Problem statement:
Give the number of lines in the data below containing the word "direction", with no other text.

--

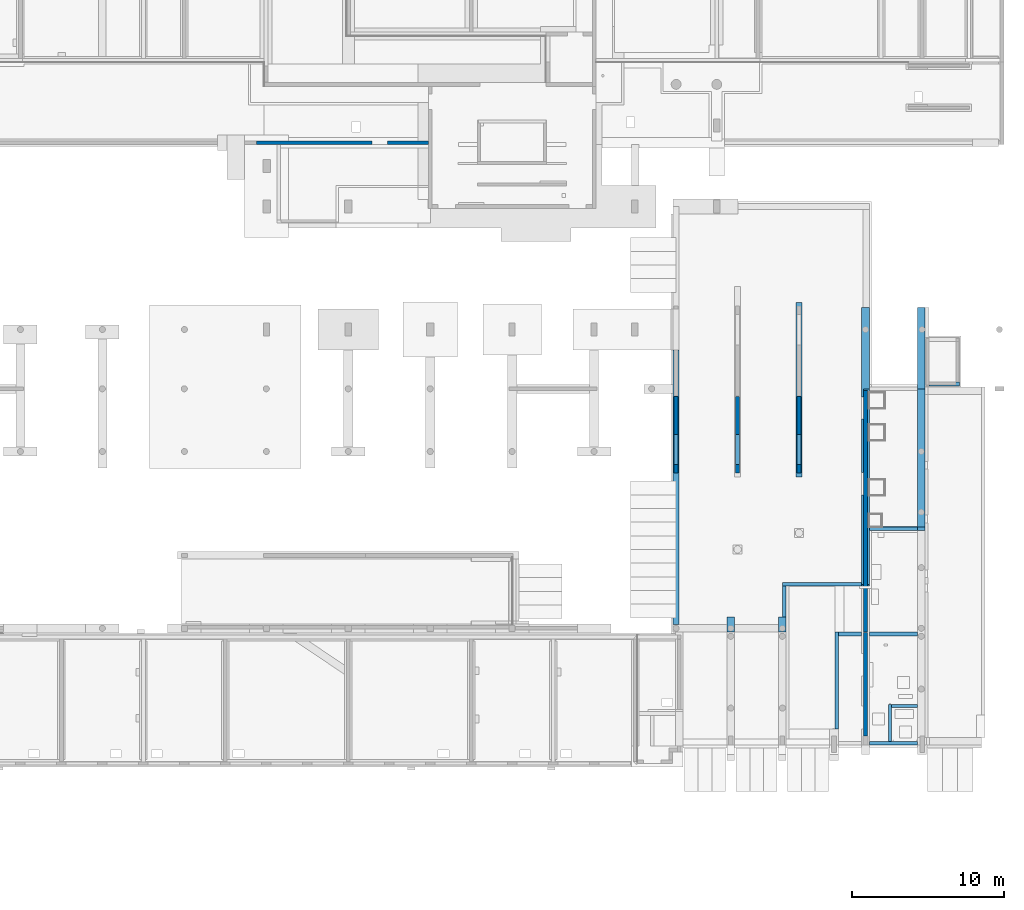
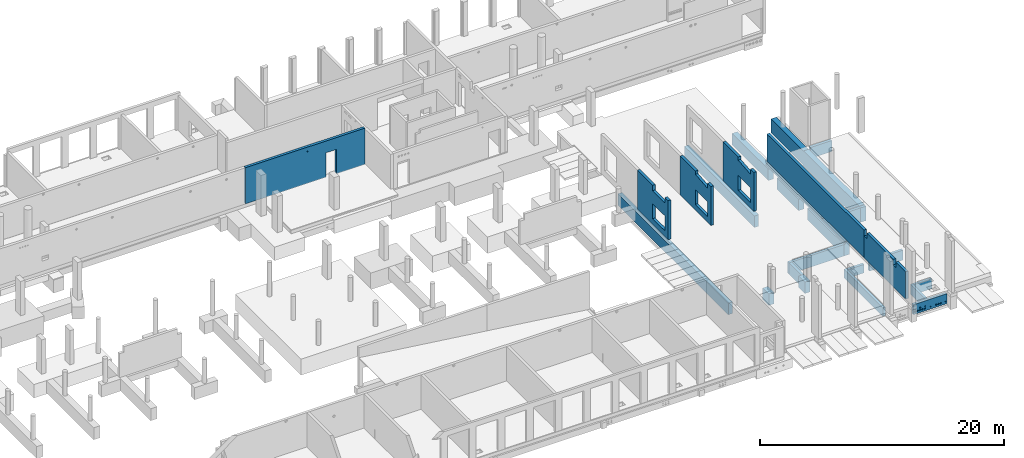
# One storey, part 45 of 60: 22 walls, 31 openings.
"""IFC2X3 building model written with IfcOpenShell, lengths in millimetres."""

from ifc_helpers import new_model, entity, si_unit, converted_unit, derived_unit, direction, frame, frame_2d, origin, origin_2d_with_axis, place, context, subcontext, project, spatial, polyline, rectangle, circle, outline, extrude, clip, bounded_halfspace, material, layer, layer_set, layer_usage, type_object, element, save


model = new_model("IFC2X3")

# Units and contexts
model_context = context("Model", 3, precision=0.01, world=origin(), true_north=direction((6.12303176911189e-17, 1.0)))
body_context = subcontext(model_context, "Body", "Model", "MODEL_VIEW")
ifc_project = project(units=[si_unit("LENGTHUNIT", "METRE", prefix="MILLI"), si_unit("AREAUNIT", "SQUARE_METRE"), si_unit("VOLUMEUNIT", "CUBIC_METRE"), converted_unit("PLANEANGLEUNIT", "DEGREE", entity("IfcRatioMeasure", 0.0174532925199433), si_unit("PLANEANGLEUNIT", "RADIAN"), dimensions=[0, 0, 0, 0, 0, 0, 0]), si_unit("MASSUNIT", "GRAM", prefix="KILO"), derived_unit("MASSDENSITYUNIT", [(si_unit("MASSUNIT", "GRAM", prefix="KILO"), 1), (si_unit("LENGTHUNIT", "METRE"), -3)]), si_unit("TIMEUNIT", "SECOND"), si_unit("FREQUENCYUNIT", "HERTZ"), si_unit("THERMODYNAMICTEMPERATUREUNIT", "DEGREE_CELSIUS"), derived_unit("THERMALTRANSMITTANCEUNIT", [(si_unit("MASSUNIT", "GRAM", prefix="KILO"), 1), (si_unit("THERMODYNAMICTEMPERATUREUNIT", "KELVIN"), -1), (si_unit("TIMEUNIT", "SECOND"), -3)]), derived_unit("VOLUMETRICFLOWRATEUNIT", [(si_unit("LENGTHUNIT", "METRE"), 3), (si_unit("TIMEUNIT", "SECOND"), -1)]), si_unit("ELECTRICCURRENTUNIT", "AMPERE"), si_unit("ELECTRICVOLTAGEUNIT", "VOLT"), si_unit("POWERUNIT", "WATT"), si_unit("FORCEUNIT", "NEWTON", prefix="KILO"), si_unit("ILLUMINANCEUNIT", "LUX"), si_unit("LUMINOUSFLUXUNIT", "LUMEN"), si_unit("LUMINOUSINTENSITYUNIT", "CANDELA"), derived_unit("USERDEFINED", [(si_unit("MASSUNIT", "GRAM", prefix="KILO"), -1), (si_unit("LENGTHUNIT", "METRE"), -2), (si_unit("TIMEUNIT", "SECOND"), 3), (si_unit("LUMINOUSFLUXUNIT", "LUMEN"), 1)]), derived_unit("LINEARVELOCITYUNIT", [(si_unit("LENGTHUNIT", "METRE"), 1), (si_unit("TIMEUNIT", "SECOND"), -1)]), si_unit("PRESSUREUNIT", "PASCAL"), derived_unit("USERDEFINED", [(si_unit("LENGTHUNIT", "METRE"), -2), (si_unit("MASSUNIT", "GRAM", prefix="KILO"), 1), (si_unit("TIMEUNIT", "SECOND"), -2)])], contexts=[model_context])

# Site, building, storey
site_placement = place(None, origin())
site = spatial("IfcSite", under=ifc_project, at=site_placement, Name="Default", CompositionType="ELEMENT")
building_placement = place(site_placement, origin())
building = spatial("IfcBuilding", under=site, at=building_placement, Name="niet gebruiken", CompositionType="ELEMENT")
storey_placement = place(building_placement, origin())
storey = spatial("IfcBuildingStorey", under=building, at=storey_placement, Name="00 begane grond", CompositionType="ELEMENT", Elevation=0.0)

# Wall, openings
ifc_material_1 = material(Name="NLRS_f2_beton ihwg")
ifc_layer_1 = layer(ifc_material_1, 250.0)
ifc_layer_set_1 = layer_set([ifc_layer_1], Name="Basic Wall:NLRS_22.21_WA_beton ihwg d=250_gen")
ifc_layer_usage_1 = layer_usage(ifc_layer_set_1, "AXIS2", "NEGATIVE", 125.0)
wall_type_1 = type_object("IfcWallType", Name="Basic Wall:NLRS_22.21_WA_beton ihwg d=250_gen", PredefinedType="STANDARD", material=ifc_layer_set_1)
wall_1_placement = place(storey_placement, frame((74970.0, 41186.0, -70.0)))
wall_1 = element("IfcWallStandardCase", 1, at=wall_1_placement, inside=storey, type_object=wall_type_1, material=ifc_layer_usage_1, Name="Basic Wall:NLRS_22.21_WA_beton ihwg d=250_gen", ObjectType="Basic Wall:NLRS_22.21_WA_beton ihwg d=250_gen", context=body_context, shape_type="Clipping", body=[
    clip(extrude(rectangle(XDim=11305.0000000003, YDim=249.999999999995, at=frame_2d((5652.50000000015, -5.04485342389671e-13), x_axis=(-1.0, 0.0))), origin(), (0.0, 0.0, 1.0), 3630.0), bounded_halfspace(frame((0.0, -125.0, 3630.0), z_axis=(0.0, 0.0, -1.0), x_axis=(-1.0, 0.0, 0.0)), True, frame((0.0, -125.0, 3630.0), z_axis=(0.0, 0.0, -1.0), x_axis=(-1.0, 0.0, 0.0)), polyline([(0.0, 0.0), (0.0, 230.0), (0.0, 250.0), (-11305.0, 250.0), (-11305.0, 0.0), (0.0, 0.0)]))),
])
opening_1_placement = place(wall_1_placement, origin())
element("IfcOpeningElement", 2, at=opening_1_placement, cuts=wall_1, Name="Basic Wall:NLRS_22.21_WA_beton ihwg d=250_gen", ObjectType="Opening", context=body_context, shape_type="SweptSolid", body=[
    extrude(rectangle(XDim=2450.0, YDim=1024.99999999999, at=origin_2d_with_axis()), frame((8107.50000000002, -1649.0, 1225.0), z_axis=(0.0, 1.0, 0.0), x_axis=(0.0, 0.0, 1.0)), (0.0, 0.0, 1.0), 3048.0),
])
opening_2_placement = place(wall_1_placement, origin())
element("IfcOpeningElement", 3, at=opening_2_placement, cuts=wall_1, Name="Basic Wall:NLRS_22.21_WA_beton ihwg d=250_gen", ObjectType="Opening", context=body_context, shape_type="SweptSolid", body=[
    extrude(circle(Radius=55.0, at=frame_2d((0.0, -5.41433564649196e-13), x_axis=(1.0, 0.0))), frame((5875.0, -125.0, 3190.0), z_axis=(0.0, 1.0, 0.0), x_axis=(1.0, 0.0, 0.0)), (0.0, 0.0, 1.0), 250.000000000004),
])

ifc_material_2 = material(Name="NLRS_f2_beton prefab")
ifc_layer_2 = layer(ifc_material_2, 250.0)
ifc_layer_set_2 = layer_set([ifc_layer_2], Name="Basic Wall:NLRS_21.21_WA_beton prefab d=250_gen")
ifc_layer_usage_2 = layer_usage(ifc_layer_set_2, "AXIS2", "NEGATIVE", 125.0)
wall_type_2 = type_object("IfcWallType", Name="Basic Wall:NLRS_21.21_WA_beton prefab d=250_gen", PredefinedType="STANDARD", material=ifc_layer_set_2)
wall_2_placement = place(storey_placement, frame((115075.0, 2100.0, 30.0), z_axis=(0.0, 0.0, 1.0), x_axis=(0.0, 1.0, 0.0)))
wall_2 = element("IfcWallStandardCase", 4, at=wall_2_placement, inside=storey, type_object=wall_type_2, material=ifc_layer_usage_2, Name="Basic Wall:NLRS_21.21_WA_beton prefab d=250_gen", ObjectType="Basic Wall:NLRS_21.21_WA_beton prefab d=250_gen", context=body_context, shape_type="SweptSolid", body=[
    extrude(rectangle(XDim=6826.00000000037, YDim=250.000000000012, at=frame_2d((3413.00000000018, -7.46069872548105e-13), x_axis=(-1.0, 0.0))), origin(), (0.0, 0.0, 1.0), 2740.00000000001),
])
opening_3_placement = place(wall_2_placement, origin())
element("IfcOpeningElement", 5, at=opening_3_placement, cuts=wall_2, Name="Basic Wall:NLRS_21.21_WA_beton prefab d=250_gen", ObjectType="Opening", context=body_context, shape_type="SweptSolid", body=[
    extrude(rectangle(XDim=549.999999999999, YDim=475.000000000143, at=frame_2d((1.76214598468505e-12, 0.0), x_axis=(1.0, 0.0))), frame((6588.5000000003, 125.0, 2465.0), z_axis=(0.0, -1.0, 0.0), x_axis=(0.0, 0.0, 1.0)), (0.0, 0.0, 1.0), 250.0),
])
opening_4_placement = place(wall_2_placement, origin())
element("IfcOpeningElement", 6, at=opening_4_placement, cuts=wall_2, Name="Basic Wall:NLRS_21.21_WA_beton prefab d=250_gen", ObjectType="Opening", context=body_context, shape_type="SweptSolid", body=[
    extrude(rectangle(XDim=550.000000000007, YDim=439.999999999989, at=frame_2d((-2.70006239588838e-13, -1.47792889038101e-12), x_axis=(0.0, 1.0))), frame((1840.0, 125.0, 2465.0), z_axis=(0.0, -1.0, 0.0), x_axis=(-1.0, 0.0, 0.0)), (0.0, 0.0, 1.0), 250.0),
])

# Wall
ifc_layer_usage_3 = layer_usage(ifc_layer_set_2, "AXIS2", "NEGATIVE", 125.0)
wall_3_placement = place(storey_placement, frame((115075.0, 8966.0, 30.0), z_axis=(0.0, 0.0, 1.0), x_axis=(0.0, 1.0, 0.0)))
element("IfcWallStandardCase", 7, at=wall_3_placement, inside=storey, type_object=wall_type_2, material=ifc_layer_usage_3, Name="Basic Wall:NLRS_21.21_WA_beton prefab d=250_gen", ObjectType="Basic Wall:NLRS_21.21_WA_beton prefab d=250_gen", context=body_context, shape_type="SweptSolid", body=[
    extrude(rectangle(XDim=15885.0, YDim=250.000000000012, at=frame_2d((7942.50000000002, 3.94351218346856e-12), x_axis=(-1.0, 0.0))), origin(), (0.0, 0.0, 1.0), 2740.00000000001),
])

# Wall, openings
ifc_layer_3 = layer(ifc_material_2, 250.0)
ifc_layer_set_3 = layer_set([ifc_layer_3], Name="Basic Wall:NLRS_22.21_WA_beton prefab d=250_gen")
ifc_layer_usage_4 = layer_usage(ifc_layer_set_3, "AXIS2", "NEGATIVE", 125.0)
wall_type_3 = type_object("IfcWallType", Name="Basic Wall:NLRS_22.21_WA_beton prefab d=250_gen", PredefinedType="STANDARD", material=ifc_layer_set_3)
wall_4_placement = place(storey_placement, frame((102600.0, 24471.0, -170.0), z_axis=(0.0, 0.0, 1.0), x_axis=(0.0, -1.0, 0.0)))
wall_4 = element("IfcWallStandardCase", 8, at=wall_4_placement, inside=storey, type_object=wall_type_3, material=ifc_layer_usage_4, Name="Basic Wall:NLRS_22.21_WA_beton prefab d=250_gen", ObjectType="Basic Wall:NLRS_22.21_WA_beton prefab d=250_gen", context=body_context, shape_type="SweptSolid", body=[
    extrude(rectangle(XDim=5045.00000000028, YDim=250.000000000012, at=frame_2d((2522.50000000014, 0.0), x_axis=(-1.0, 0.0))), origin(), (0.0, 0.0, 1.0), 3910.00000000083),
])
opening_5_placement = place(wall_4_placement, origin())
element("IfcOpeningElement", 9, at=opening_5_placement, cuts=wall_4, Name="Basic Wall:NLRS_22.21_WA_beton prefab d=250_gen", ObjectType="Opening", context=body_context, shape_type="SweptSolid", body=[
    extrude(rectangle(XDim=1500.0, YDim=2000.0, at=frame_2d((-2.1600499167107e-12, 0.0), x_axis=(0.0, 1.0))), frame((3495.0, -1399.0, 1320.0), z_axis=(0.0, 1.0, 0.0), x_axis=(-1.0, 0.0, 0.0)), (0.0, 0.0, 1.0), 3048.0),
])
opening_6_placement = place(wall_4_placement, origin())
element("IfcOpeningElement", 10, at=opening_6_placement, cuts=wall_4, Name="Basic Wall:NLRS_22.21_WA_beton prefab d=250_gen", ObjectType="Opening", context=body_context, shape_type="SweptSolid", body=[
    extrude(rectangle(XDim=539.999999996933, YDim=2000.0, at=frame_2d((0.0, -2.55795384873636e-13), x_axis=(0.0, 1.0))), frame((3495.0, 125.0, 3640.0), z_axis=(0.0, -1.0, 0.0), x_axis=(-1.0, 0.0, 0.0)), (0.0, 0.0, 1.0), 250.0),
])

ifc_layer_usage_5 = layer_usage(ifc_layer_set_3, "AXIS2", "NEGATIVE", 125.0)
wall_5_placement = place(storey_placement, frame((106650.0, 24471.0, -170.0), z_axis=(0.0, 0.0, 1.0), x_axis=(0.0, -1.0, 0.0)))
wall_5 = element("IfcWallStandardCase", 11, at=wall_5_placement, inside=storey, type_object=wall_type_3, material=ifc_layer_usage_5, Name="Basic Wall:NLRS_22.21_WA_beton prefab d=250_gen", ObjectType="Basic Wall:NLRS_22.21_WA_beton prefab d=250_gen", context=body_context, shape_type="SweptSolid", body=[
    extrude(rectangle(XDim=5045.0000000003, YDim=250.000000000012, at=frame_2d((2522.50000000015, 0.0), x_axis=(-1.0, 0.0))), origin(), (0.0, 0.0, 1.0), 3910.00000000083),
])
opening_7_placement = place(wall_5_placement, origin())
element("IfcOpeningElement", 12, at=opening_7_placement, cuts=wall_5, Name="Basic Wall:NLRS_22.21_WA_beton prefab d=250_gen", ObjectType="Opening", context=body_context, shape_type="SweptSolid", body=[
    extrude(rectangle(XDim=1500.0, YDim=2000.0, at=frame_2d((2.1600499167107e-12, 0.0), x_axis=(0.0, 1.0))), frame((3495.0, -1399.0, 1320.0), z_axis=(0.0, 1.0, 0.0), x_axis=(-1.0, 0.0, 0.0)), (0.0, 0.0, 1.0), 3048.0),
])
opening_8_placement = place(wall_5_placement, origin())
element("IfcOpeningElement", 13, at=opening_8_placement, cuts=wall_5, Name="Basic Wall:NLRS_22.21_WA_beton prefab d=250_gen", ObjectType="Opening", context=body_context, shape_type="SweptSolid", body=[
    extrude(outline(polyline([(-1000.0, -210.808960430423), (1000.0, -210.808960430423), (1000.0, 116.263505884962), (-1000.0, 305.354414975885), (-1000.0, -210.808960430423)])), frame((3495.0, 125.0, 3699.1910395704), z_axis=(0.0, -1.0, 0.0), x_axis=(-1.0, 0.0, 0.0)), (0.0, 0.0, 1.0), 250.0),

--

Response to the task:
2